Стахурский снял шинель, повесил ее на крючок и подошел к столу, на ходу оправляя пиджак.
– Садитесь, садитесь, – приветливо сказал шеф, кивнув головой из-за клуба синеватого дыма.
Стахурский сел. Шеф курил, глядя на Стахурского дружески, но зорко.
– Герр Шмаллер, – наконец заговорил он, не сводя с собеседника добродушно улыбающихся глаз. – Я умышленно воспользовался временем, когда там, – он показал на дверь в соседнюю комнату, – никого нет, так как мне нужно сказать вам и услышать от вас нечто весьма важное. – Он подчеркнул важность момента еще более доверительным взглядом и поднятием руки. – Прошу вас!
Он предложил Стахурскому сигару. Стахурский взял ее.
– Вы слушаете меня внимательно?
– Я весь внимание, мой шеф.
Шеф подождал, пока Стахурский обрежет сигару, держа наготове пистолетик-зажигалку с дулом, направленным прямо в лоб Стахурскому. Во взгляде шефа мелькал игриво-грозный огонек – шеф шутил.

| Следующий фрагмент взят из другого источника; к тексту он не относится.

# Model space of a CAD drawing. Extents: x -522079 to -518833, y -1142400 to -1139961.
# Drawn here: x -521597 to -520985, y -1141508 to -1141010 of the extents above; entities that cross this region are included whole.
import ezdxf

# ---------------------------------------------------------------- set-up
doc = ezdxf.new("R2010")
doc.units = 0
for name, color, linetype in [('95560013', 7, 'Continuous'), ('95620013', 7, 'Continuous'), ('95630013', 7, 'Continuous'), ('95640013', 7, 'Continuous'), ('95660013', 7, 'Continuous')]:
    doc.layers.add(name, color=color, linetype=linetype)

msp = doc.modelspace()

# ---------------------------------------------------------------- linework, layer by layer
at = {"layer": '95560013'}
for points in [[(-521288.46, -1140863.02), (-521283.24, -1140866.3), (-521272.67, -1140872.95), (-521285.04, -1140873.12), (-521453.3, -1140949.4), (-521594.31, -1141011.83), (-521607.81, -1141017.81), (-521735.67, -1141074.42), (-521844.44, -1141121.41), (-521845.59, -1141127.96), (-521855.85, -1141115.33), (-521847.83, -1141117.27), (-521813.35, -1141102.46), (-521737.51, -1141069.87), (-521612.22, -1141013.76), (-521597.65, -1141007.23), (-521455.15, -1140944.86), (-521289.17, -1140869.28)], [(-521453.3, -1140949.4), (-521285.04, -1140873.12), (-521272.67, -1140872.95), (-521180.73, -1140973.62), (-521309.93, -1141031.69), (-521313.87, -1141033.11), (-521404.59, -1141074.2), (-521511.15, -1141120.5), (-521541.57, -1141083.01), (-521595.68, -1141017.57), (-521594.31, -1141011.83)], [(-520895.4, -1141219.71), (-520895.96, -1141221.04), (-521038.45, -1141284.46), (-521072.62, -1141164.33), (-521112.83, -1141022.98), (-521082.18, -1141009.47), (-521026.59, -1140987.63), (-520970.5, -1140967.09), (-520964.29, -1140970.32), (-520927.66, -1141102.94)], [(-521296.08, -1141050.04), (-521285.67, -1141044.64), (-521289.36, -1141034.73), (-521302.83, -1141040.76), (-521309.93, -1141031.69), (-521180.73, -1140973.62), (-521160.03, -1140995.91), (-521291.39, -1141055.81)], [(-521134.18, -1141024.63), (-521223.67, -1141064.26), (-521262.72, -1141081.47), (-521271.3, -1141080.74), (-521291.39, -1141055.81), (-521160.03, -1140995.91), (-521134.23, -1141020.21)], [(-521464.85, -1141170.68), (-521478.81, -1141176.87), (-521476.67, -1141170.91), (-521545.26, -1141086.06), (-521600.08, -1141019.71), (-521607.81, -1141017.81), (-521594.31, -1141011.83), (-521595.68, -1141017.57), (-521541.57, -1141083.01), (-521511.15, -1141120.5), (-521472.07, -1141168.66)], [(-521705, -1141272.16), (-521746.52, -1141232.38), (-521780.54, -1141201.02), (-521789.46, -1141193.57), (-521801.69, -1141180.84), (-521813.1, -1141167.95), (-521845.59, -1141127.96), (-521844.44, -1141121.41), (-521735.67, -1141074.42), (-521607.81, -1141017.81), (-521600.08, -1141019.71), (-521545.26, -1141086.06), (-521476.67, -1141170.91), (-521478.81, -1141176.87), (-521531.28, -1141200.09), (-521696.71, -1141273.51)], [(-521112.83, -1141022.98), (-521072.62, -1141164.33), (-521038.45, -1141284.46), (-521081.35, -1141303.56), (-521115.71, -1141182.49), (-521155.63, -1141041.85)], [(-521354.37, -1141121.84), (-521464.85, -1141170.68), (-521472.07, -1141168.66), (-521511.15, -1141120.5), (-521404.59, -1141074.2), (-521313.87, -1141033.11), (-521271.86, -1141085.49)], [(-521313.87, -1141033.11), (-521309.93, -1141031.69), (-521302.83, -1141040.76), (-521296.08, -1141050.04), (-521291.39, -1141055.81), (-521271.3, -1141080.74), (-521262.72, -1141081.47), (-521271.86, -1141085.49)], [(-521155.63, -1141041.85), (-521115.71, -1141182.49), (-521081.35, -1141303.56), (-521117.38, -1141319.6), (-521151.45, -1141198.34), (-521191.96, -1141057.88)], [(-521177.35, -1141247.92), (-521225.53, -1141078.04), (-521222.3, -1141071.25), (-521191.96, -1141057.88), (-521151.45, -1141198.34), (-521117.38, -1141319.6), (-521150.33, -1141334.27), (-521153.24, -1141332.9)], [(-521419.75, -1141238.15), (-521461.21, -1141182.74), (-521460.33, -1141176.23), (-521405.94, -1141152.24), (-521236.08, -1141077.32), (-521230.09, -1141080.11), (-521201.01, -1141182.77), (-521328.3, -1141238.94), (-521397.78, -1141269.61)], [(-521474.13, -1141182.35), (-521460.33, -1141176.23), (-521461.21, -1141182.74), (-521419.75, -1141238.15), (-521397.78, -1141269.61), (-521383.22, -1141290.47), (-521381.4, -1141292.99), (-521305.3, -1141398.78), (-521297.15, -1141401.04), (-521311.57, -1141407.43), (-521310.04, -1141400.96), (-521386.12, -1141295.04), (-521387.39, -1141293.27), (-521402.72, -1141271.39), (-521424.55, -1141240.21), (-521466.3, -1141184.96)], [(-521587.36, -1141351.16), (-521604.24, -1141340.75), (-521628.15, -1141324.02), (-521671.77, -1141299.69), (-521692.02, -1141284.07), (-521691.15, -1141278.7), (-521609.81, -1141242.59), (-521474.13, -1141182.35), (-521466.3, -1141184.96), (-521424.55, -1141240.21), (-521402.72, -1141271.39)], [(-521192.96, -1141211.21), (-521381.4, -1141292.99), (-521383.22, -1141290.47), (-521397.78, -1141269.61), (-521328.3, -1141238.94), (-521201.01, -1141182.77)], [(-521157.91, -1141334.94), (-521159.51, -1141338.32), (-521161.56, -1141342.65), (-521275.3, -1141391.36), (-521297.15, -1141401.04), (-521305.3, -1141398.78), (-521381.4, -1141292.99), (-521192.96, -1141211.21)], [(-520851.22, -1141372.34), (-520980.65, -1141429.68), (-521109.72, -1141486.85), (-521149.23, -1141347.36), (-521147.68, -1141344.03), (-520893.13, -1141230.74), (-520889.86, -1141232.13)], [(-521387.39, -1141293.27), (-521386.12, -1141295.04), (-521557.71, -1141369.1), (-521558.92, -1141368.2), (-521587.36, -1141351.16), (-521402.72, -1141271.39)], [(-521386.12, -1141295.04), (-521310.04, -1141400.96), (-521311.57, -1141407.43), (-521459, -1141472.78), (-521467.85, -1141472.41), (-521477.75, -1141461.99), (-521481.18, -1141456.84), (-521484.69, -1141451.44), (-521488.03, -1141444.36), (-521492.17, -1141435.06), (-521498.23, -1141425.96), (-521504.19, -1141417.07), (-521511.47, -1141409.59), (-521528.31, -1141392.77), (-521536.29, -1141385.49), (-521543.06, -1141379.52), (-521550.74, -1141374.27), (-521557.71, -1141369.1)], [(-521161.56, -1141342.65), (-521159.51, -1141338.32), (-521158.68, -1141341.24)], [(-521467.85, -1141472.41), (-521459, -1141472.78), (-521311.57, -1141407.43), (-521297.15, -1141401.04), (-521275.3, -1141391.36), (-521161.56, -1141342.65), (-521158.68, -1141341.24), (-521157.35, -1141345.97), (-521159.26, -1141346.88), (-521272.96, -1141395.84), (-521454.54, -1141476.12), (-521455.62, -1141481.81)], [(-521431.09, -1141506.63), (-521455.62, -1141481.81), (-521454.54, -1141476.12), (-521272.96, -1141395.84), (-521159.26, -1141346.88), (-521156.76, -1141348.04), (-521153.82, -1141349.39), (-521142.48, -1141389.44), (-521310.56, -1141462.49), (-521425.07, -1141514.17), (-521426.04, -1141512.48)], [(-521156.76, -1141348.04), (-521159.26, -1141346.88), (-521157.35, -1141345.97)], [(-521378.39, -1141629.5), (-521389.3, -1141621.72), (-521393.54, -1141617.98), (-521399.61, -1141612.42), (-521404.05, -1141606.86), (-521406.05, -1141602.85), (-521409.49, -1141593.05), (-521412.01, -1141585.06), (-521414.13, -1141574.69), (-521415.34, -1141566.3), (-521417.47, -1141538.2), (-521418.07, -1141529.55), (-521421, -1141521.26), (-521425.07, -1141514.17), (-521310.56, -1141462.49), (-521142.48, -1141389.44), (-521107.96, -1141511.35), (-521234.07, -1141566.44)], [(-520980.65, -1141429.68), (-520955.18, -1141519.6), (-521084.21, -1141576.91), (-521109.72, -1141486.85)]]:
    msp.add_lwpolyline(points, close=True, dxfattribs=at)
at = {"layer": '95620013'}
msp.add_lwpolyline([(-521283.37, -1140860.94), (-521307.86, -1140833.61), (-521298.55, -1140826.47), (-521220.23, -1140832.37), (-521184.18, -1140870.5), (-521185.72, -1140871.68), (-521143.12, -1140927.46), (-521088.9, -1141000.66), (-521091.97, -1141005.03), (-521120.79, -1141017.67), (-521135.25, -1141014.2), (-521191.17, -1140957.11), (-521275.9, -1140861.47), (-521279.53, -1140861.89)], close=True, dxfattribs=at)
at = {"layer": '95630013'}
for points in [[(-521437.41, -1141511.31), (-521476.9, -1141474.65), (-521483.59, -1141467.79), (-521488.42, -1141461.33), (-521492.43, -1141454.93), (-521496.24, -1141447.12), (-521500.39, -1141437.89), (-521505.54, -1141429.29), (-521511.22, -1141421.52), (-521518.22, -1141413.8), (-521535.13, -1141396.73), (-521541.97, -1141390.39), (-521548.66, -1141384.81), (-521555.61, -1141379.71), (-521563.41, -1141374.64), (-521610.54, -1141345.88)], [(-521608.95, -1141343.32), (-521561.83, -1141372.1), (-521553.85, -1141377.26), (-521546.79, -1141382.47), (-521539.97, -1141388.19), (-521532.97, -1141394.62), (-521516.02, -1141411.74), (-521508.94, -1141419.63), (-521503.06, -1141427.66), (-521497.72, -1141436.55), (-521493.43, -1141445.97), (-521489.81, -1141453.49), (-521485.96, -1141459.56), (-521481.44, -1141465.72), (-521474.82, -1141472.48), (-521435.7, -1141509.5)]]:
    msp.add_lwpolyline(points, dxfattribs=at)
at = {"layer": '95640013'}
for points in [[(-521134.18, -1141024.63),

Когда Стахурский взял сигару в рот, шеф предупредительно перегнулся через стол, стрельнул из пистолетика и сказал:
– Паф! Прошу вас!
Потом он откинулся на высокую спинку кресла, выпустил большой клуб дыма и произнес:
– Я должен довести до вашего сведения, герр Шмаллер, что вы совсем не герр Шмаллер.
Он глядел на Стахурского так же приветливо, но слишком пристально, наблюдая за каждым движением, жестом, малейшей переменой в выражении лица собеседника. Но Стахурский сидел ровно, невозмутимо, спокойно и курил, не выдав себя ни единым движением, ибо не имел права это сделать; ни один мускул не дрогнул на его лице, ибо не имел права дрогнуть. Он только поднял брови и удивленно посмотрел на шефа – герр Шмаллер имел право поднять брови и удивиться, когда ему говорят, что он совсем не он.